Let $G$ a reductive group over a nonarchimedean local field $F$. Let $P_0$ be a minimal parabolic subgroup of $G$ and $A$ a maximal split torus contained in $P_0$. The normalizer $N_G(A)(F)$ acts on the apartment of $A$ via the extended affine Weyl group, which contains the affine Weyl group $W_\mathrm{aff}$ with finite index. Let $I$ be an Iwahori subgroup of $G(F)$ compatible with $P_0$.

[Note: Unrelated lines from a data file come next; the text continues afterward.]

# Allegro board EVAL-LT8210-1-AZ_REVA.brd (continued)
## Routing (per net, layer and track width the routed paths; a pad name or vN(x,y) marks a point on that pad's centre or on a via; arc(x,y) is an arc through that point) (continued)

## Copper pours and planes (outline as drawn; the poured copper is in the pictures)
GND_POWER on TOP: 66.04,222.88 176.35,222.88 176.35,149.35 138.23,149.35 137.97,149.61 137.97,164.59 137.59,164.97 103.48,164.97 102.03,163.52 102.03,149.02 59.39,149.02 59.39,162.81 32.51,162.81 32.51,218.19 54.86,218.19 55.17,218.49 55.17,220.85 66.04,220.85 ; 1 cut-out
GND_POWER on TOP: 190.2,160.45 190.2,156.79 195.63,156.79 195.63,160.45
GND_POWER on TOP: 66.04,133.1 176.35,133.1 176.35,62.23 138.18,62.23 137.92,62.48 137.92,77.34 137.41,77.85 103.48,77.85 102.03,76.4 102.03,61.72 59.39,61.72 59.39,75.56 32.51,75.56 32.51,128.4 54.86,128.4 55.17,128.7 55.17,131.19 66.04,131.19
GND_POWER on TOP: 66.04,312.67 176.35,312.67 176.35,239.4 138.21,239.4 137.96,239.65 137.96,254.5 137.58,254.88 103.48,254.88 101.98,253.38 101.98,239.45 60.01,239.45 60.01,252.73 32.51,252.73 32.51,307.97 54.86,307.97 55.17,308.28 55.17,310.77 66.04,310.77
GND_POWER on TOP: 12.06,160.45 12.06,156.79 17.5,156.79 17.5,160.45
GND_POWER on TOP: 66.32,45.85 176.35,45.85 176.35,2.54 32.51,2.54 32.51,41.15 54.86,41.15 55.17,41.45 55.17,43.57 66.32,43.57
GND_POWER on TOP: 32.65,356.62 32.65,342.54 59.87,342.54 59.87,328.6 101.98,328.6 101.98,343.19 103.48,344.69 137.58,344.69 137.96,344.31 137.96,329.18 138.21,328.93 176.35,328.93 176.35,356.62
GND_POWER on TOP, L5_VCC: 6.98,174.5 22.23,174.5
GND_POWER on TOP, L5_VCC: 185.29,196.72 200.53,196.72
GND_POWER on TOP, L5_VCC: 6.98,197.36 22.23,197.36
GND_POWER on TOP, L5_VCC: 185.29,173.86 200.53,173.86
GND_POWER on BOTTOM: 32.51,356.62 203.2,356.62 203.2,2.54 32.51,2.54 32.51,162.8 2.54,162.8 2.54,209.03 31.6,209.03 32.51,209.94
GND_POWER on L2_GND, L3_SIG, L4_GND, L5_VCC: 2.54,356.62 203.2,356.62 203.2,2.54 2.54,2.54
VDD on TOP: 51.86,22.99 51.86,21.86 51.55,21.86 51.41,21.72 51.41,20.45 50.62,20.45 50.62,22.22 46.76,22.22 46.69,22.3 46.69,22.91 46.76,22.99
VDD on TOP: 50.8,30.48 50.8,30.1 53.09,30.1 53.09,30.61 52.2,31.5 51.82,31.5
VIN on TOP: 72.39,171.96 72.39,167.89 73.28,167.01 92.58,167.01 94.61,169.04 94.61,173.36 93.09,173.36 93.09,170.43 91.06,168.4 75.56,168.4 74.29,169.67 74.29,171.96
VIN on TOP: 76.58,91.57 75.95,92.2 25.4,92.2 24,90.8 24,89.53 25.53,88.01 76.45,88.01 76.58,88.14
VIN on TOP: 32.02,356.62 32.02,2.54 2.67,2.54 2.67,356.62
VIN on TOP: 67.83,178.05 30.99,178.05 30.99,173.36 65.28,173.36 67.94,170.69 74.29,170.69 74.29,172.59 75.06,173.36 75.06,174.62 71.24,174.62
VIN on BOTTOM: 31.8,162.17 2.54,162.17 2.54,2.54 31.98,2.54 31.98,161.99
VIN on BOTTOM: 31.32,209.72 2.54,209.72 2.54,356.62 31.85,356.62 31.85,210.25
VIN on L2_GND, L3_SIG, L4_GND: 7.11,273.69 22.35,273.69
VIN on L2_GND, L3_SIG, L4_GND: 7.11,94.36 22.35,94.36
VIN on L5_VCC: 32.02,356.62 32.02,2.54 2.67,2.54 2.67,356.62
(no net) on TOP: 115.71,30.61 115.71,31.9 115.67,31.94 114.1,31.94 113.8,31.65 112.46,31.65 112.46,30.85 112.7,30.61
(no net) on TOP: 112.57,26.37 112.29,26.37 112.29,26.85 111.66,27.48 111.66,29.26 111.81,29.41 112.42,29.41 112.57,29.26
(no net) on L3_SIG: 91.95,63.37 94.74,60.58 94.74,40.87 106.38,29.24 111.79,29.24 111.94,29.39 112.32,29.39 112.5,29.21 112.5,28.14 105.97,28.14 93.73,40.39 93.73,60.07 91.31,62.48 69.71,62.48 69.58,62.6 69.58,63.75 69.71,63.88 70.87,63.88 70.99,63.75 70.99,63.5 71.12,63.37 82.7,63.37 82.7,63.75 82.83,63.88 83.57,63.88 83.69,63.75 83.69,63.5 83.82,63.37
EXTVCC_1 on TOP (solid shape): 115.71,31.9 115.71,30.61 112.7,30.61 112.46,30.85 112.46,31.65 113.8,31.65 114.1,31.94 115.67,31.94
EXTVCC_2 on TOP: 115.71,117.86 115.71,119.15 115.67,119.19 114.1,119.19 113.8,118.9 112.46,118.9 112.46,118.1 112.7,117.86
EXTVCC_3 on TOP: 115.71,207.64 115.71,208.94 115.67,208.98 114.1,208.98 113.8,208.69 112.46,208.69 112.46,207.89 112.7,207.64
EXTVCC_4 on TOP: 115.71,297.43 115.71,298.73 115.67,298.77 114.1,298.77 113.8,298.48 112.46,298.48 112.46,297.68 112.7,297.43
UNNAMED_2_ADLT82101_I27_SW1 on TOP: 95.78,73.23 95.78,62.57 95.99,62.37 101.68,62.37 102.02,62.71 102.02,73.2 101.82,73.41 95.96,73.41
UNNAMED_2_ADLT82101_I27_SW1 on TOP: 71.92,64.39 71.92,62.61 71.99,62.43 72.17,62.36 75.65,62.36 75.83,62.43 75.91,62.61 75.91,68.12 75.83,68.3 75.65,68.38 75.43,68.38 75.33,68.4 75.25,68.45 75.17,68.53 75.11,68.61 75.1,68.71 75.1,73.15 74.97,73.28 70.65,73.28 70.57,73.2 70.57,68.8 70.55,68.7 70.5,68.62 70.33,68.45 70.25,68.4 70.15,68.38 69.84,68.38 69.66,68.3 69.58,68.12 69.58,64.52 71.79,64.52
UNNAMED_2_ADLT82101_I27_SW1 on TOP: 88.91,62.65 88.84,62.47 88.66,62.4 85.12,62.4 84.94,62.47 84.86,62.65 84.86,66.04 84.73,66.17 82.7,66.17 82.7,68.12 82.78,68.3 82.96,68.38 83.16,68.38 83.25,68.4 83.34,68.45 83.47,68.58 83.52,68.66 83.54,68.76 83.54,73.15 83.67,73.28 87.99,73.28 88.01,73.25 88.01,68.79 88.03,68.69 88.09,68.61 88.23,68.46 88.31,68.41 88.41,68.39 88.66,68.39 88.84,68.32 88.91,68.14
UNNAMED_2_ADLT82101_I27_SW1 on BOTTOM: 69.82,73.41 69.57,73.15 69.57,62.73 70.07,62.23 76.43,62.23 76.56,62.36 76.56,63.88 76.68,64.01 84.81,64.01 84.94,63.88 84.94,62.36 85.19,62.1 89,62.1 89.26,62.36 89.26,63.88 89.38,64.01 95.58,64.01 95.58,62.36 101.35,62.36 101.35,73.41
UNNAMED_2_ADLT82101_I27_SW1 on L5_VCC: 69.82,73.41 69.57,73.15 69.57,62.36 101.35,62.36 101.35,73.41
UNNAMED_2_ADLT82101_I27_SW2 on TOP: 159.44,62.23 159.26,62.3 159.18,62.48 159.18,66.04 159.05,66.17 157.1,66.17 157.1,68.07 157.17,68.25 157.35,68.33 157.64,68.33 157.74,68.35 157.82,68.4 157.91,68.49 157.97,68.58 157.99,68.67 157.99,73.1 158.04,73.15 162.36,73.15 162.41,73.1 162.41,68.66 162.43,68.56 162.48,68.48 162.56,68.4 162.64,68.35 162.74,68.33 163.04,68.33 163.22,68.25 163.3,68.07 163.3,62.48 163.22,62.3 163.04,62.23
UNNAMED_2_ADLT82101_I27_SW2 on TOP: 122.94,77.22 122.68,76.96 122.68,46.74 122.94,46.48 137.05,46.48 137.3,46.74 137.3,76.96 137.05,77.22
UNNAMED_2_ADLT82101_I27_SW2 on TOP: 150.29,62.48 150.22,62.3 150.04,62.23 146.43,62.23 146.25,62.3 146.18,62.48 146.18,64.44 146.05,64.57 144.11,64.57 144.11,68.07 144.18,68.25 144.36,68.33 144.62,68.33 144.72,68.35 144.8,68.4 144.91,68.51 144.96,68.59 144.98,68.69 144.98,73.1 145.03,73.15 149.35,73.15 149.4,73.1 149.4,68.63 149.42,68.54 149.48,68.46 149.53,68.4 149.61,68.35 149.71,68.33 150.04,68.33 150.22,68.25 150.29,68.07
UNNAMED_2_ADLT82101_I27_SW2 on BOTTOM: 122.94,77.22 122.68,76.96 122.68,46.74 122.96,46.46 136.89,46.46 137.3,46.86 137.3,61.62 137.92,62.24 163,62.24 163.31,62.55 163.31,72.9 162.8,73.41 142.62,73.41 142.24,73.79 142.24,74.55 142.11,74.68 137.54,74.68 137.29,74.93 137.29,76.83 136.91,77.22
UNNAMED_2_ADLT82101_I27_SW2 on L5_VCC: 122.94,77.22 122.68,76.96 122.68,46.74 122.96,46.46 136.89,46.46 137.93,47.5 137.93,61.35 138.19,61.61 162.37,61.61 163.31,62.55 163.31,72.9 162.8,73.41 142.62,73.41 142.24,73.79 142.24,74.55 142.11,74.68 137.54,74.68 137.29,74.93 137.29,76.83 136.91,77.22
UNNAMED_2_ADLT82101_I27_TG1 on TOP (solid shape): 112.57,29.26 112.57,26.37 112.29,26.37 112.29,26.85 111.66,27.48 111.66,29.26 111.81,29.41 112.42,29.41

By the Iwasawa decomposition, the double cosets in $P_0(F)\backslash G(F)/I$ are represented by the elements of the Weyl group $W := N_G(A)(F)/C_G(A)(F)$. Let $\pi$ be the natural projection $W_\mathrm{aff}\rightarrow W$. It's not hard to show that if $w\in W$ and $s\in W_\mathrm{aff}$ is a simple reflection (relative to $I$), then \begin{equation} \tag{1}\label{parabolic_mult} P_0(F) w\pi(s) I\subseteq P_0(F) w I s I \subseteq P_0(F) w\pi(s) I \sqcup P_0(F) wI, \end{equation} and if furthermore $s\in W$, then \begin{equation} \tag{2}\label{iwahori_mult} P_0(F) sw I\subseteq P_0(F) s P_0(F) w I \subseteq P_0(F) sw I\sqcup P_0(F) wI. \end{equation}

Now let $P$ be a parabolic subgroup of $G$ containing $P_0$, and let $K$ be a parahoric subgroup of $G(F)$ containing $I$. Then \begin{equation} \tag{3}\label{bruhat} P(F) = \bigsqcup_{u\in W_{M_P}}P_0(F)uP_0(F), \end{equation} where $W_{M_P}$ is the Weyl group of the standard Levi component of $P$, and \begin{equation} \tag{4}\label{iwahori} K = \bigsqcup_{v\in W_K}IvI, \end{equation} where $W_K$ is the Coxeter subgroup of $W_\mathrm{aff}$ consisting of those elements with representatives in $K$.

Given $w\in W$, consider the double coset $P(F)wK$. From (\ref{bruhat}) and (\ref{iwahori}), $$P(F)wK = \bigcup_{u\in W_{M_P},v\in W_K}P_0(F)uP_0(F)wIvI.$$ Applying (\ref{parabolic_mult}) one simple generator of $W_K$ at a time, we get that this union is equal to $$\bigcup_{u\in W_{M_P},v\in W_K}P_0(F)uP_0(F)w\pi(v)I.$$ Applying (\ref{iwahori_mult}) one simple generator of $W_{M_P}$ at a time, we find that this is equal to $$\bigcup_{u\in W_{M_P},v\in W_K}P_0(F)uw\pi(v)I.$$ It follows from the Iwasawa decomposition that $w,w'\in W$ represent the same double coset in $P(F)\backslash G(F)/K$ if and only if $w,w'$ lie in the same double coset in $W_{M_P}\backslash W/\pi(W_K)$.